Other authors have written at length about this problem and going to them for support and encouragement worked for me when nothing else would have. Never Say You Can’t Survive, by Charlie Jane Anders was a favorite recent read, and I cannot recommend it enough both as food for the writerly soul and also crammed with practical ways to write through either personal or global disaster. On the other hand, The Organised Writer by Antony Johnston gave me the priceless gift of a non-prescriptive framework that helped implement all my existing half-baked plans to organize my writing, my process, and my time—it’s full of good ideas that can be picked out and used on their own.

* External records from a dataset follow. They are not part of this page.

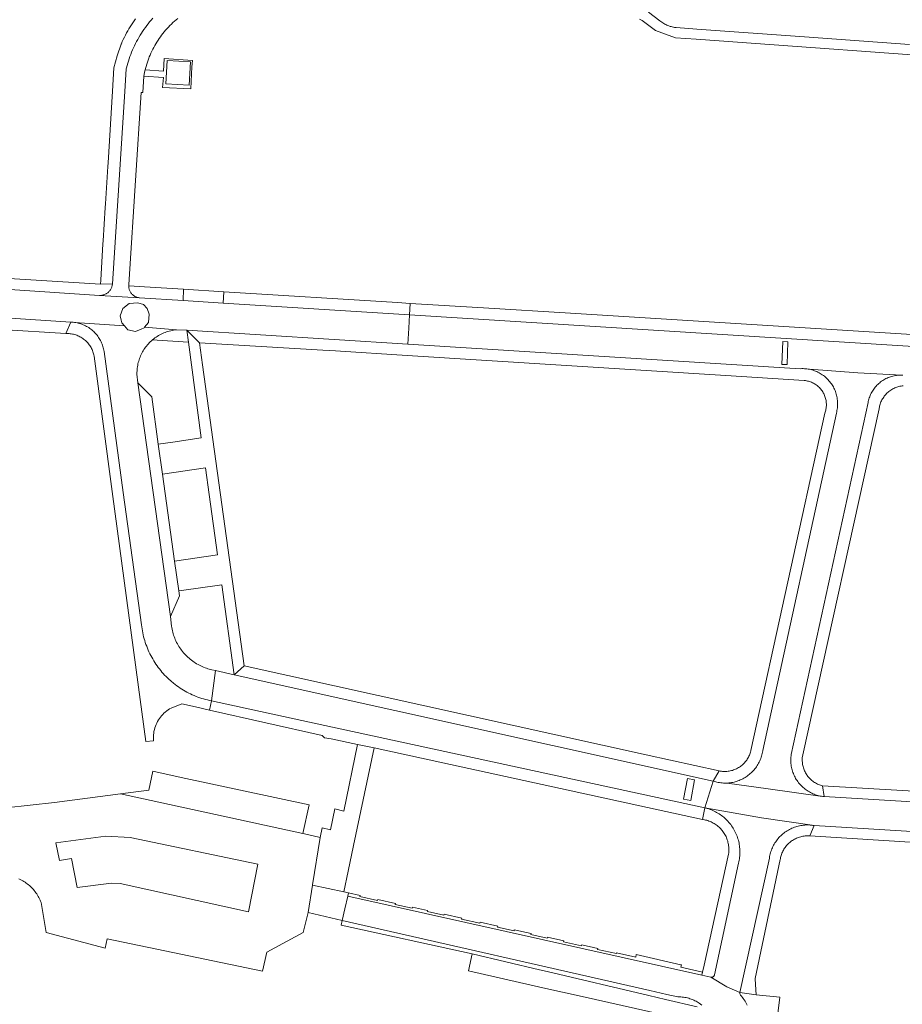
# Model space of a CAD drawing. Extents: x 146402 to 164798, y 455483 to 464134.
# Tile 369 of 575: x 157742 to 157894, y 461043 to 461213. Entities that reach past the tile are written whole.
import ezdxf

# ---------------------------------------------------------------- set-up
doc = ezdxf.new("R2010")
doc.units = 0
doc.header["$LTSCALE"] = 0.2
for name, color, linetype, lineweight in [('B-XX-VH-VERHARDING_ASFALT-GV', 252, 'CONTINUOUS', 18), ('B-XX-VH-VERHARDING_BETONSTRAATSTEEN-GV', 252, 'CONTINUOUS', 18), ('B-XX-VH-VERHARDING_STRAATBAKSTEEN-GV', 252, 'CONTINUOUS', 18), ('B-XX-VH-VERHARDING_TEGEL-GV', 252, 'CONTINUOUS', 18)]:
    doc.layers.add(name, color=color, linetype=linetype, lineweight=lineweight)

msp = doc.modelspace()

# ---------------------------------------------------------------- linework, layer by layer
at = {"layer": 'B-XX-VH-VERHARDING_ASFALT-GV'}
msp.add_lwpolyline([(157764.969, 461213.308), (157764.703, 461213), (157764.443, 461212.688), (157764.189, 461212.37), (157763.941, 461212.047), (157763.699, 461211.72), (157763.465, 461211.388), (157763.236, 461211.051), (157763.015, 461210.71), (157762.8, 461210.365), (157762.592, 461210.015), (157762.391, 461209.661), (157762.196, 461209.304), (157762.009, 461208.943), (157761.829, 461208.578), (157761.657, 461208.21), (157761.491, 461207.838), (157761.333, 461207.463), (157761.182, 461207.086), (157761.039, 461206.705), (157760.903, 461206.321), (157760.775, 461205.935), (157760.655, 461205.547), (157760.542, 461205.156), (157760.437, 461204.763), (157760.389, 461204.575), (157760.14, 461200.665), (157758.028, 461167.524), (157758.024, 461167.469), (157758.008, 461167.341), (157757.984, 461167.213), (157757.953, 461167.087), (157757.914, 461166.964), (157757.867, 461166.843), (157757.813, 461166.725), (157757.752, 461166.611), (157757.684, 461166.501), (157757.609, 461166.395), (157757.528, 461166.294), (157757.44, 461166.198), (157757.348, 461166.108), (157757.249, 461166.023), (157757.146, 461165.945), (157757.038, 461165.874), (157756.925, 461165.809), (157756.809, 461165.751), (157756.69, 461165.701), (157756.568, 461165.657), (157756.443, 461165.622), (157756.316, 461165.594), (157756.188, 461165.575), (157756.059, 461165.563), (157755.93, 461165.559), (157755.8, 461165.563), (157762.629, 461165.141), (157762.502, 461165.163), (157762.376, 461165.194), (157762.252, 461165.231), (157762.13, 461165.277), (157762.012, 461165.33), (157761.897, 461165.389), (157761.786, 461165.456), (157761.68, 461165.53), (157761.578, 461165.61), (157761.481, 461165.696), (157761.39, 461165.788), (157761.305, 461165.886), (157761.226, 461165.989), (157761.153, 461166.096), (157761.087, 461166.207), (157761.029, 461166.323), (157760.977, 461166.442), (157760.933, 461166.563), (157760.896, 461166.688), (157760.867, 461166.814), (157760.846, 461166.942), (157760.833, 461167.071), (157760.828, 461167.2), (157760.83, 461167.278), (157760.833, 461167.356), (157760.899, 461168.363), (157762.007, 461185.366), (157762.996, 461200.53), (157763.283, 461200.501), (157763.459, 461203.321), (157763.477, 461203.61), (157763.559, 461204.008), (157763.651, 461204.404), (157763.932, 461205.414), (157764.278, 461206.403), (157764.371, 461206.639), (157764.51, 461206.973), (157764.657, 461207.304), (157764.81, 461207.632), (157764.971, 461207.956), (157765.139, 461208.277), (157765.314, 461208.594), (157765.497, 461208.907), (157765.685, 461209.216), (157765.881, 461209.521), (157766.084, 461209.821), (157766.293, 461210.117), (157766.508, 461210.407), (157766.73, 461210.694), (157766.958, 461210.975), (157767.192, 461211.251), (157767.433, 461211.522), (157767.679, 461211.787), (157767.931, 461212.047), (157768.188, 461212.302), (157768.452, 461212.55), (157768.72, 461212.793), (157768.995, 461213.03), (157769.274, 461213.26)], dxfattribs=at)
at = {"layer": 'B-XX-VH-VERHARDING_BETONSTRAATSTEEN-GV'}
for points in [[(157777.227, 461166.179), (157770.265, 461166.613), (157770.192, 461164.662), (157777.127, 461164.225)], [(157763.392, 461164.011), (157762.378, 461164.245), (157760.896, 461164.167), (157759.809, 461163.313), (157759.352, 461162.03), (157759.518, 461161.285), (157759.647, 461160.812), (157760.108, 461160.28), (157760.662, 461159.641), (157761.988, 461159.329), (157763.002, 461159.719), (157763.47, 461159.953), (157763.56, 461160.061), (157764.251, 461160.89), (157764.329, 461162.294), (157764.017, 461163.308)], [(157874.337, 461157.577), (157873.448, 461157.609), (157873.306, 461153.664), (157874.195, 461153.632)], [(157858.254, 461082.093), (157857.03, 461082.313), (157856.386, 461078.721), (157857.609, 461078.501)]]:
    msp.add_lwpolyline(points, close=True, dxfattribs=at)
at = {"layer": 'B-XX-VH-VERHARDING_STRAATBAKSTEEN-GV'}
for points in [[(157696.253, 461164.568), (157750.858, 461160.955), (157750.906, 461160.952), (157751.075, 461160.944), (157751.293, 461160.926), (157751.51, 461160.901), (157760.108, 461160.28), (157759.647, 461160.812), (157759.518, 461161.285), (157759.352, 461162.03), (157759.809, 461163.313), (157760.896, 461164.167), (157762.378, 461164.245), (157763.392, 461164.011), (157764.017, 461163.308), (157764.329, 461162.294), (157764.251, 461160.89), (157763.56, 461160.061), (157769.057, 461159.647), (157770.839, 461159.536), (157808.879, 461157.157), (157809.052, 461159.9), (157809.198, 461162.209), (157777.127, 461164.225), (157770.192, 461164.662), (157762.679, 461165.135), (157762.629, 461165.141), (157755.8, 461165.563), (157696.565, 461169.499)], [(157969.035, 461152.171), (157809.198, 461162.209), (157809.052, 461159.9), (157808.879, 461157.157), (157876.532, 461152.926), (157876.745, 461152.933), (157876.965, 461152.933), (157877.185, 461152.925), (157877.405, 461152.909), (157877.624, 461152.885), (157877.841, 461152.853), (157878.045, 461152.816), (157886.371, 461152.209), (157893.962, 461151.813), (157894.128, 461151.805)], [(157936.469, 461075.815), (157880.573, 461079.187), (157880.374, 461079.209), (157880.152, 461079.241), (157879.931, 461079.281), (157870.952, 461080.538), (157863.901, 461081.528), (157863.714, 461081.521), (157863.486, 461081.52), (157863.258, 461081.527), (157863.031, 461081.543), (157862.804, 461081.566), (157862.578, 461081.597), (157862.353, 461081.635), (157862.13, 461081.682), (157861.909, 461081.737), (157861.689, 461081.799), (157861.472, 461081.869), (157860.018, 461077.255), (157869.801, 461075.546), (157878.548, 461074.25), (157878.647, 461074.238), (157878.875, 461074.202), (157954.69, 461069.578)], [(157741.938, 461064.995), (157742.155, 461064.895), (157742.368, 461064.787), (157742.577, 461064.673), (157742.765, 461064.561), (157742.783, 461064.551), (157742.984, 461064.423), (157743.181, 461064.288), (157743.373, 461064.146), (157743.56, 461063.998), (157743.742, 461063.844), (157743.919, 461063.684), (157744.091, 461063.518), (157744.257, 461063.347), (157744.417, 461063.17), (157744.571, 461062.987), (157744.719, 461062.8), (157744.86, 461062.608), (157744.995, 461062.411), (157745.123, 461062.209), (157745.245, 461062.004), (157745.359, 461061.795), (157745.466, 461061.581), (157745.567, 461061.365), (157745.659, 461061.145), (157745.745, 461060.922), (157746.617, 461055.776), (157756.808, 461053.08), (157757.147, 461054.699), (157783.879, 461049.099), (157784.598, 461052.39), (157790.901, 461055.791), (157791.722, 461059.223), (157792.468, 461063.901), (157792.481, 461063.986), (157793.781, 461072.136), (157791.648, 461072.645), (157790.791, 461072.85), (157759.439, 461079.651), (157748.047, 461078.167), (157739.693, 461077.279)], [(157867.344, 461043.269), (157867.223, 461043.501), (157867.095, 461043.729), (157866.96, 461043.953), (157866.818, 461044.172), (157866.67, 461044.387), (157866.515, 461044.598), (157866.354, 461044.804), (157866.188, 461045.002), (157866.086, 461045.207), (157866.08, 461045.435), (157863.835, 461046.408), (157861.084, 461048.085), (157859.524, 461048.432), (157798.557, 461062.015), (157798.05, 461059.839), (157797.583, 461057.832), (157850.571, 461045.782), (157853.495, 461045.117), (157855.374, 461044.69), (157855.481, 461044.691), (157855.708, 461044.687), (157855.934, 461044.675), (157856.16, 461044.655), (157856.385, 461044.626), (157856.609, 461044.591), (157856.832, 461044.547), (157857.052, 461044.495), (157857.271, 461044.436), (157857.488, 461044.369), (157857.702, 461044.294), (157857.913, 461044.212), (157858.122, 461044.122), (157858.326, 461044.025), (157858.528, 461043.921), (157859.056, 461043.603), (157859.551, 461043.236)]]:
    msp.add_lwpolyline(points, dxfattribs=at)
for points in [[(157760.108, 461160.28), (157751.51, 461160.901), (157751.726, 461160.867), (157751.94, 461160.826), (157752.153, 461160.777), (157752.364, 461160.72), (157752.573, 461160.656), (157752.779, 461160.583), (157752.982, 461160.504), (157753.183, 461160.417), (157753.38, 461160.322), (157753.573, 461160.221), (157753.762, 461160.112), (157753.948, 461159.997), (157754.129, 461159.875), (157754.306, 461159.746), (157754.477, 461159.611), (157754.644, 461159.47), (157754.805, 461159.323), (157754.961, 461159.17), (157755.111, 461159.011), (157755.255, 461158.847), (157755.394, 461158.678), (157755.525, 461158.504), (157755.651, 461158.325), (157755.769, 461158.142), (157755.881, 461157.954), (157755.986, 461157.763), (157756.084, 461157.567), (157756.175, 461157.369), (157756.258, 461157.167), (157756.334, 461156.962), (157756.403, 461156.755), (157756.463, 461156.545), (157756.516, 461156.333), (157756.562, 461156.119), (157756.599, 461155.904), (157759.866, 461131.588), (157763.043, 461108.781), (157763.084, 461108.437), (157763.133, 461108.095), (157763.19, 461107.753), (157763.255, 461107.413), (157763.328, 461107.074), (157763.409, 461106.738), (157763.497, 461106.403), (157763.593, 461106.07), (157763.696, 461105.74), (157763.808, 461105.412), (157763.927, 461105.087), (157764.053, 461104.765), (157764.187, 461104.445), (157764.328, 461104.129), (157764.476, 461103.816), (157764.631, 461103.507), (157764.794, 461103.201), (157764.964, 461102.9), (157765.14, 461102.602), (157765.324, 461102.308), (157765.514, 461102.019), (157765.711, 461101.734), (157765.914, 461101.454), (157766.124, 461101.178), (157766.34, 461100.908), (157766.562, 461100.642), (157766.79, 461100.382), (157767.025, 461100.127), (157767.265, 461099.878), (157767.51, 461099.634), (157767.697, 461099.456), (157768.117, 461099.078), (157768.55, 461098.716), (157768.822, 461098.502), (157769.099, 461098.295), (157769.381, 461098.094), (157769.668, 461097.9), (157769.958, 461097.712), (157770.253, 461097.532), (157770.552, 461097.358), (157770.856, 461097.19), (157771.162, 461097.03), (157771.473, 461096.878), (157771.787, 461096.732), (157772.104, 461096.594), (157772.424, 461096.463), (157772.748, 461096.339), (157773.074, 461096.223), (157773.402, 461096.115), (157773.733, 461096.014), (157774.067, 461095.921), (157774.402, 461095.836), (157774.739, 461095.758), (157775.064, 461095.691), (157775.79, 461100.917), (157775.125, 461101.043), (157774.472, 461101.219), (157774.24, 461101.294), (157773.987, 461101.385), (157773.737, 461101.483), (157773.489, 461101.588), (157773.245, 461101.7), (157773.004, 461101.82), (157772.767, 461101.947), (157772.534, 461102.081), (157772.305, 461102.222), (157772.08, 461102.369), (157771.86, 461102.523), (157771.644, 461102.684), (157771.434, 461102.851), (157771.228, 461103.024), (157771.027, 461103.203), (157770.832, 461103.388), (157770.643, 461103.579), (157770.459, 461103.775), (157770.282, 461103.977), (157770.11, 461104.184), (157769.944, 461104.396), (157769.785, 461104.613), (157769.633, 461104.834), (157769.487, 461105.06), (157769.348, 461105.29), (157769.216, 461105.524), (157769.09, 461105.762), (157768.972, 461106.004), (157768.861, 461106.249), (157768.758, 461106.497), (157768.662, 461106.748), (157768.573, 461107.002), (157768.492, 461107.258), (157768.419, 461107.517), (157768.354, 461107.778), (157768.296, 461108.04), (157768.246, 461108.304), (157768.204, 461108.57), (157768.003, 461110.225), (157762.426, 461150.474), (157762.26, 461152.005), (157762.259, 461152.048), (157762.26, 461152.294), (157762.269, 461152.539), (157762.286, 461152.784), (157762.311, 461153.028), (157762.344, 461153.272), (157762.385, 461153.514), (157762.433, 461153.754), (157762.49, 461153.993), (157762.554, 461154.23), (157762.626, 461154.465), (157762.705, 461154.697), (157762.793, 461154.927), (157762.887, 461155.153), (157762.989, 461155.377), (157763.098, 461155.597), (157763.214, 461155.813), (157763.337, 461156.026), (157763.467, 461156.234), (157763.604, 461156.438), (157763.747, 461156.637), (157763.896, 461156.832), (157764.052, 461157.021), (157764.214, 461157.206), (157764.382, 461157.385), (157764.556, 461157.558), (157764.735, 461157.726), (157764.92, 461157.888), (157764.945, 461157.909), (157765.142, 461158.065), (157765.344, 461158.215), (157765.551, 461158.358), (157765.762, 461158.495), (157765.977, 461158.625), (157766.196, 461158.748), (157766.419, 461158.864), (157766.646, 461158.973), (157766.876, 461159.074), (157767.109, 461159.168), (157767.345, 461159.255), (157767.584, 461159.334), (157767.824, 461159.406), (157768.068, 461159.47), (157768.313, 461159.526), (157768.56, 461159.574), (157768.808, 461159.615), (157769.057, 461159.647), (157763.56, 461160.061), (157763.47, 461159.953), (157763.002, 461159.719), (157761.988, 461159.329), (157760.662, 461159.641)], [(157874.337, 461157.577), (157874.195, 461153.632), (157873.306, 461153.664), (157873.448, 461157.609)], [(157886.371, 461152.209), (157878.045, 461152.816), (157878.058, 461152.813), (157878.273, 461152.765), (157878.486, 461152.709), (157878.697, 461152.646), (157878.905, 461152.575), (157879.111, 461152.497), (157879.314, 461152.411), (157879.513, 461152.318), (157879.709, 461152.218), (157879.901, 461152.11), (157880.089, 461151.996), (157880.273, 461151.875), (157880.453, 461151.747), (157880.627, 461151.613), (157880.797, 461151.473), (157880.961, 461151.326), (157881.12, 461151.174), (157881.274, 461151.016), (157881.421, 461150.852), (157881.563, 461150.684), (157881.698, 461150.51), (157881.827, 461150.332), (157881.949, 461150.149), (157882.065, 461149.961), (157882.173, 461149.77), (157882.275, 461149.574), (157882.37, 461149.376), (157882.457, 461149.173), (157882.536, 461148.968), (157882.609, 461148.76), (157882.673, 461148.55), (157882.73, 461148.337), (157882.78, 461148.123), (157882.821, 461147.906), (157882.855, 461147.689), (157882.88, 461147.47), (157882.898, 461147.251), (157882.907, 461147.031), (157882.909, 461146.81), (157882.903, 461146.59), (157882.889, 461146.371), (157882.866, 461146.152), (157882.836, 461145.934), (157882.798, 461145.717), (157882.752, 461145.501), (157882.698, 461145.288), (157870.016, 461087.14), (157870.007, 461087.075), (157869.97, 461086.85), (157869.924, 461086.626), (157869.872, 461086.404), (157869.811, 461086.184), (157869.743, 461085.967), (157869.667, 461085.752), (157869.584, 461085.539), (157869.493, 461085.33), (157869.395, 461085.124), (157869.29, 461084.922), (157869.177, 461084.723), (157869.058, 461084.529), (157868.932, 461084.339), (157868.8, 461084.153), (157868.661, 461083.972), (157868.516, 461083.796), (157868.365, 461083.626), (157868.208, 461083.46), (157868.045, 461083.301), (157867.876, 461083.147), (157867.703, 461082.999), (157867.524, 461082.857), (157867.341, 461082.722), (157867.152, 461082.593), (157866.96, 461082.471), (157866.763, 461082.355), (157866.562, 461082.247), (157866.358, 461082.146), (157866.15, 461082.052), (157865.939, 461081.965), (157865.725, 461081.886), (157865.509, 461081.814), (157865.29, 461081.75), (157865.069, 461081.694), (157864.846, 461081.645), (157864.622, 461081.605), (157864.396, 461081.572), (157864.17, 461081.547), (157863.942, 461081.53), (157863.901, 461081.528), (157870.952, 461080.538), (157879.931, 461079.281), (157879.711, 461079.328), (157879.493, 461079.384), (157879.277, 461079.447), (157879.064, 461079.518), (157878.853, 461079.597), (157878.645, 461079.683), (157878.441, 461079.776), (157878.24, 461079.876), (157878.042, 461079.984), (157877.849, 461080.098), (157877.659, 461080.22), (157877.474, 461080.348), (157877.294, 461080.482), (157877.119, 461080.623), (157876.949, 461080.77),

Distraction doesn’t put the fires out. But it is good for the ability to work and for morale; people who feel hopeful about surviving long enough to get one more treat are in better shape than people who can’t even hope for that.
Hope is the one thing. Then there’s all the other emotions…anger, frustration, and righteous lust for vengeance can be treated like radioactive waste and decanted into barrels to be stored in salt mines, absolutely. But they can also be reprocessed into fuel—ask any writer. For me, journaling is the first step of doing something with all that sloshing toxicity. The feelings aren’t gone, they’re just easier to manage when I put them on the page.
It’s the same with venting on social media. It’s good to let off steam, of course, but steam is what runs power plants. Your anger may be generating it, but you get to decide where the steam goes after it’s made. Maybe that can be into stories. Maybe that can be into action.
Everything’s on fire? Not ideal, but let’s burn it under something and put it to work.